* Task directions *
Scan the entries for "自制轴承座". Every line that holds it is to be copied.

═════ Task input ═════

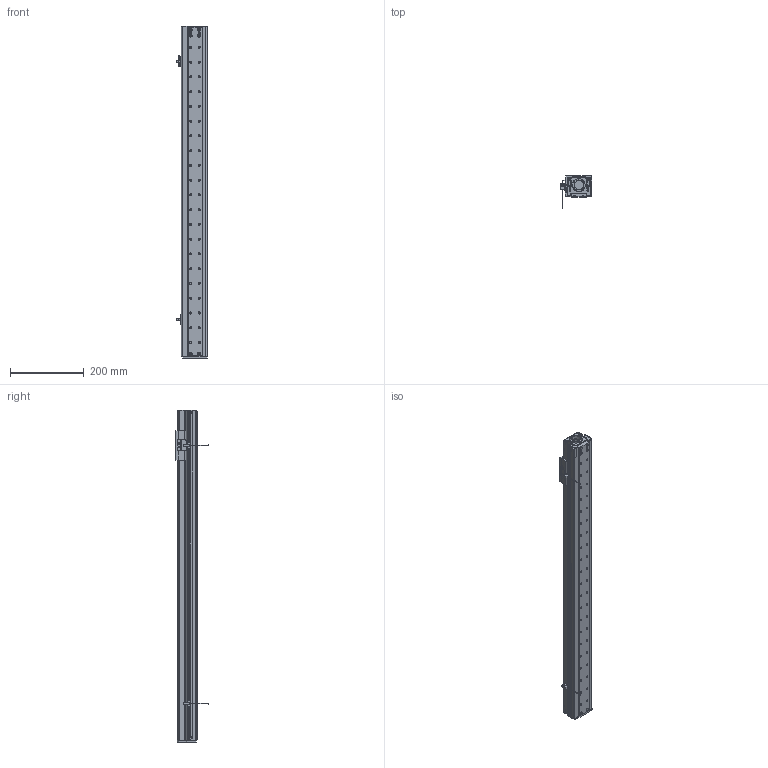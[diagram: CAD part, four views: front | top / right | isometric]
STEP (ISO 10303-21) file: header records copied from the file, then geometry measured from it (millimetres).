
FILE_DESCRIPTION (( 'STEP AP203' ), '1' );
FILE_NAME ('CTHM6-S700.STEP', '2019-12-18T01:55:28', ( '微软用户' ), ( '微软中国' ), 'SwSTEP 2.0', 'SolidWorks 2017', '' );
FILE_SCHEMA (( 'CONFIG_CONTROL_DESIGN' ));
Length unit declared in the file: millimetre
Products named in the file (17): M4-L10囀鞠褒蹟佪; LMW15AA; 侧挡板2(带磁条修改厚度); 固定侧轴承座(自制轴承座); M3-L6半圆头内六角螺丝; 羲壽え; M3-L6囀鞠褒蹟佪; 支持侧轴承座(带磁条); EE-SX672-BR; 遣喳蝶15x12x8; 滅袉蝶; MG60裔啣; CTHM6-S700; 耜結啣(湍羞); LMW15奻窅; DG60傷裔(祥結傷裔); 蟀諉釱(裔啣党蜊)
Assembly tree (29 placements, depth 2):
  CTHM6-S700
    LMW15奻窅
    蟀諉釱(裔啣党蜊)
    LMW15AA
    固定侧轴承座(自制轴承座)
    羲壽え
    支持侧轴承座(带磁条)
    遣喳蝶15x12x8  x2
    MG60裔啣
    耜結啣(湍羞)
    DG60傷裔(祥結傷裔)
    M4-L10囀鞠褒蹟佪  x2
    侧挡板2(带磁条修改厚度)
    M3-L6半圆头内六角螺丝  x8
    M3-L6囀鞠褒蹟佪  x4
    EE-SX672-BR  x2
    滅袉蝶
Bounding box: 86.7 x 87.8 x 900 mm (x, y, z)
Volume: 888440.3 mm3; surface area: 618026.7 mm2
Topology: 33 solids, 33 shells, 2039 faces, 5202 edges, 3216 vertices
Faces by surface type: plane 802, cylinder 745, cone 378, torus 88, bspline 26
Entity records: 55848 total; most frequent: CARTESIAN_POINT 11537, DIRECTION 9170, ORIENTED_EDGE 8620, EDGE_CURVE 4310, AXIS2_PLACEMENT_3D 3450, VERTEX_POINT 2717, LINE 2270, VECTOR 2270

═════

* Response box *
Products named in the file (17): M4-L10囀鞠褒蹟佪; LMW15AA; 侧挡板2(带磁条修改厚度); 固定侧轴承座(自制轴承座); M3-L6半圆头内六角螺丝; 羲壽え; M3-L6囀鞠褒蹟佪; 支持侧轴承座(带磁条); EE-SX672-BR; 遣喳蝶15x12x8; 滅袉蝶; MG60裔啣; CTHM6-S700; 耜結啣(湍羞); LMW15奻窅; DG60傷裔(祥結傷裔); 蟀諉釱(裔啣党蜊)
    固定侧轴承座(自制轴承座)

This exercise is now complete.